Разумеется, это никак не означает, что все в Поднебесной приходилось создавать заново. Как раз напротив, бережное отношение к традиции, столь свойственное китайцам с глубокой доконфуцианской древности, способствовало тому, что некоторые из основных принципов и институтов администрации были сохранены. Но они были перемещены на более низкий и соответственно менее развитый уровень и втиснуты в более узкие рамки уделов, превратившихся в самостоятельные царства и княжества. В этих царствах и княжествах номенклатура должностей частично сохранялась, частично создавалась заново, при этом широко использовались уже принятые стандарты. В результате в одних царствах главный министр обозначался одним термином, в других — иным, где-то почти свято чтилось право наследования высших должностей, а где-то от этой явно устаревавшей нормы с легкостью отказывались. Но одно было не только всеми соблюдавшейся нормой, но и почти сакрально освященным правилом: на высшие должности назначались только аристократы из числа
Конечно, на практике бывало по-разному. В царстве Цзинь, как о том уже упоминалось, распределял должности командующих сам правитель, руководствуясь способностями и добродетелью соискателей. После какого-либо из очередных кровавых дворцовых переворотов, когда многие из высших должностных лиц, замешанных в неудавшемся заговоре, бежали либо были уничтожены, перераспределение должностей происходило по выбору победителя (что имело место, например, в ходе мятежа сановников в царстве Сун). Однако исключения лишь подтверждают норму. Норма же сводилась к тому, что сильные кланы всегда требовали соответствующих их силе должностей и власти. И пока сила сохранялась, сохранялся и статус-кво. Если же какой-либо клан по какой-то причине слабел или, напротив, становился настолько сильным, что провоцировал других объединиться в противостоянии ему, ситуация могла измениться, а клан оказаться на пороге гибели. Теряя силу под ударами могущественного соседа, а то и объединенной коалиции соперников (обычно в этой ситуации не оставался в стороне и сам правитель), этот клан нередко лишался и влиятельной должности, и власти, а порой и удела, что нередко сопровождалось поголовным уничтожением всех его членов.
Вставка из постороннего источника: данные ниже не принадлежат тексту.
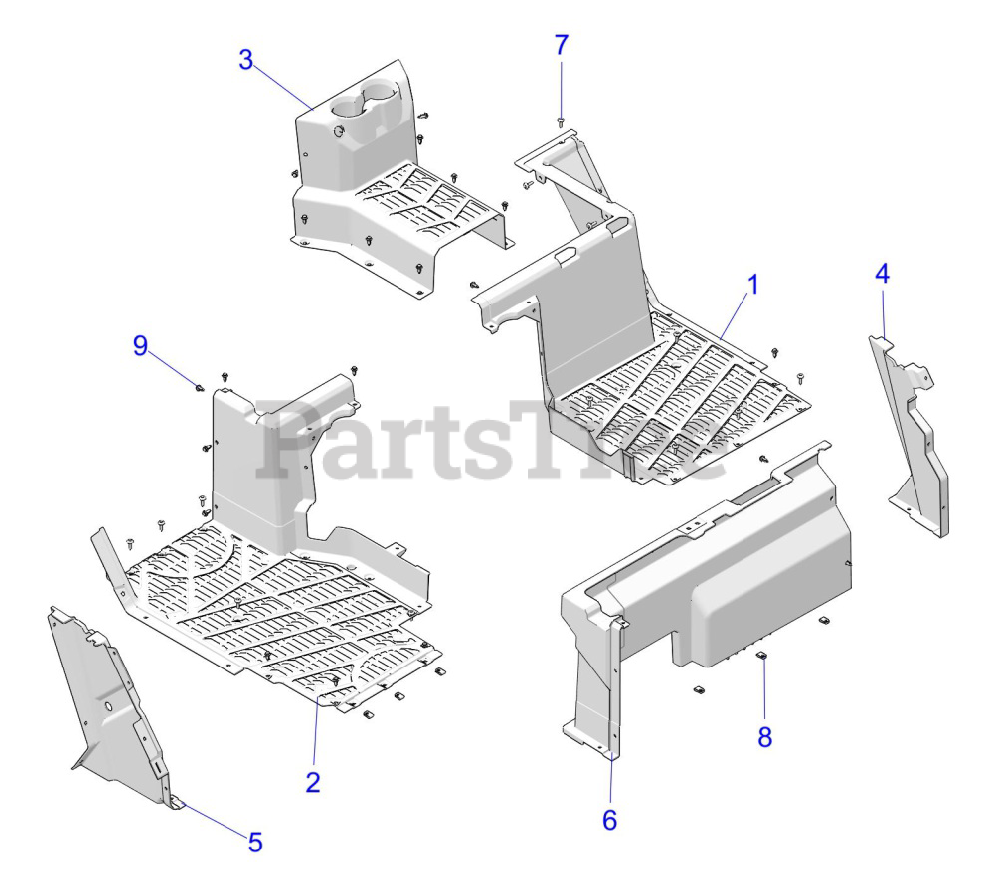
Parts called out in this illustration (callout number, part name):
1	FLOOR-REAR-LH-BLK
2	FLOOR- REAR- RH- BLK
3	COVER-TUNNEL FLOOR-REAR-BLK
4	COVER-INNER ROCKER-LH-BLK
5	COVER-INNER ROCKER-RH-BLK
6	COVER-REAR CLOSE OFF-BLK
7	SCR-TXTH-M6X1.0X25 RIE
8	NUT-M6-1.0- U-TYPE (2.5-3.8)
9	RIVET-TUFLOK-.315-.325X.787 (5
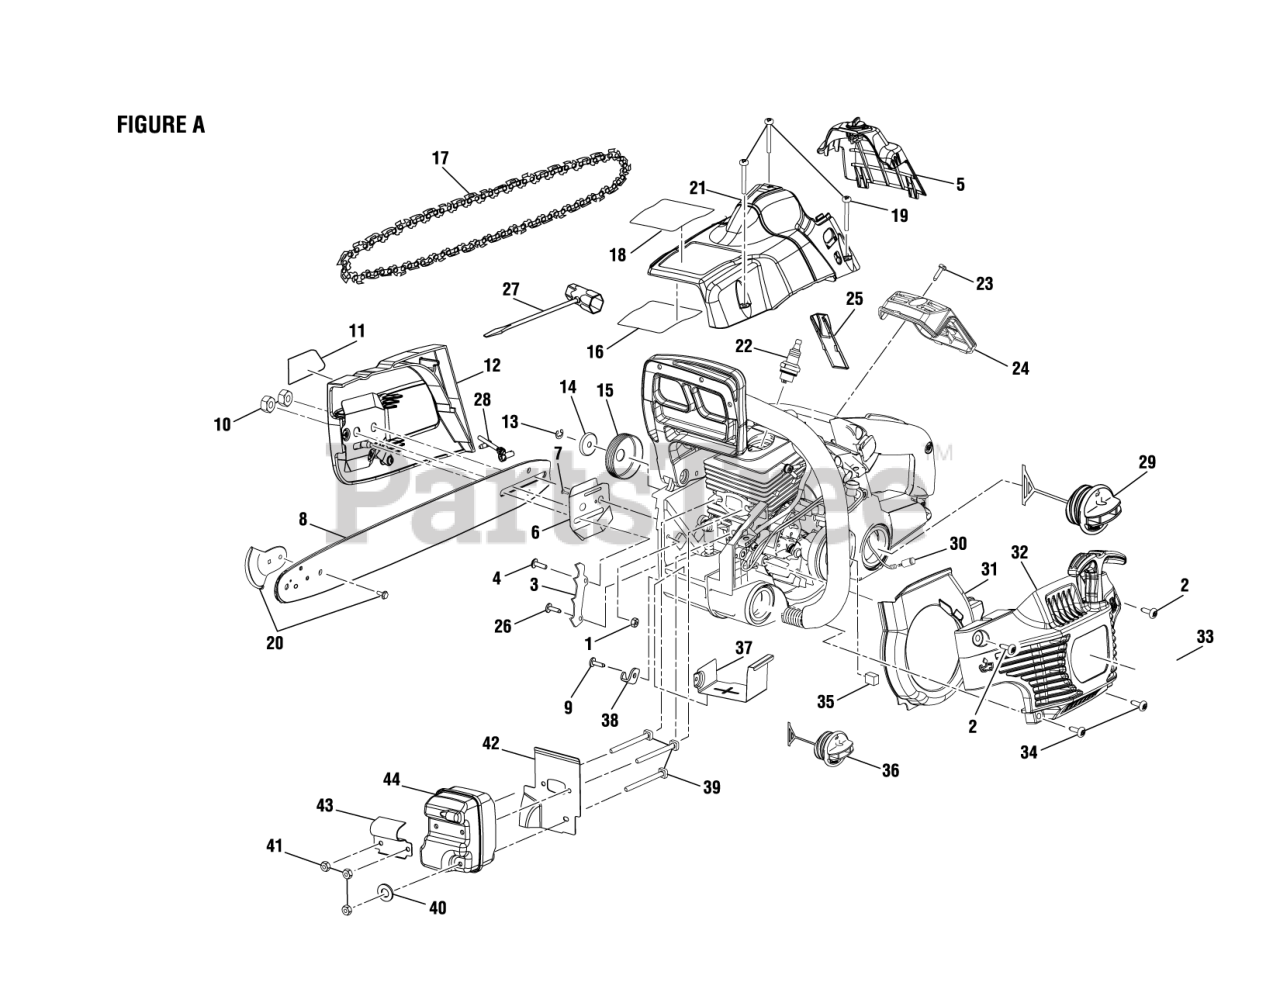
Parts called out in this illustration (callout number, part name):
1	NUT, LOCK
3	SPIKE, BAR
5	COVER, FILTER
6	PLATE, INNER GUIDE
8	20 in. Guide Bar
10	NUT, BAR (5/16-18)
11	LABEL, LOGO
12	ASSY., CHAIN COVER
14	HOSE, FUEL (RETURN)
15	ASSY., SPROKET DRUM
16	SHIELD, HEAT
17	Chain (.325 x 78 links, 20 in.)
18	LABEL, WARNING
20	KIT, SAFETY TIP & SCREW
21	COVER, ENGINE
22	PLUG, SPARK
24	FILTER, AIR
25	DIVIDER, CYLINDER HOUSING
27	WRENCH, COMBINATION
28	TENSIONER, CHAIN
29	ASSY., FUEL CAP
30	FILTER FUEL
31	BAFFLE, FAN HOUSING
32	ASSY., STARTER COVER
33	LABEL, LOGO
35	PREFILTER
36	ASSY., OIL CAP
37	SHIELD, HEAT
38	CATCHER, CHAIN
40	WASHER, RETAINING
41	NUT, LOCK
42	GASKET, MUFFLER
43	DEFLECTOR, MUFFLER
44	ASSY., MUFFLER

Сказанное означает, что в феодальной структуре времен Чуньцю уже не было сильной и эффективной централизованной администрации даже в пределах царств. Конечно, функции такого рода администрации власть выполняла. Это прежде всего касалось администрации царства-гегемона, отвечавшего за сохранение порядка в Поднебесной и потому вынужденного согласовывать интересы и претензии своих кланов с потребностями выдвижения на высшие должности умных и способных. К этому следует добавить, что по меньшей мере в Чжунго управление становилось делом не столько царств, сколько влиятельных уделов-кланов в царстве. И в Лy, и в Ци, и даже в царстве-гегемоне Цзинь административные рычаги на протяжении периода Чуньцю все очевиднее опускались на уровень уделов-кланов. Впрочем, это не мешало сильнейшим из кланов по совместительству отвечать за дела царства в целом — примерно так же, как царство-гегемон отвечало за всекитайские дела в масштабах Чжунго, а порой и Поднебесной. Словом, динамика перераспределения власти целиком зависела от изменения соотношения сил.
Более того, к середине периода Чуньцю стало нормой закрепление за сильными уделами-кланами не только их наследственных должностей, но и той военной силы, армии, которая лежала в основе могущества клана. Практически это означало, что на уровне царства или княжества вес, должность и реальную военную и политическую силу приобретали те, кто успешно справлялся со своими соперниками внутри царства. Соответственно все большее значение приобретали должности более мелкого масштаба, важные при выяснении отношений не между царствами, а между уделами-кланами, позже также и между враждующими линиями внутри уделов-кланов.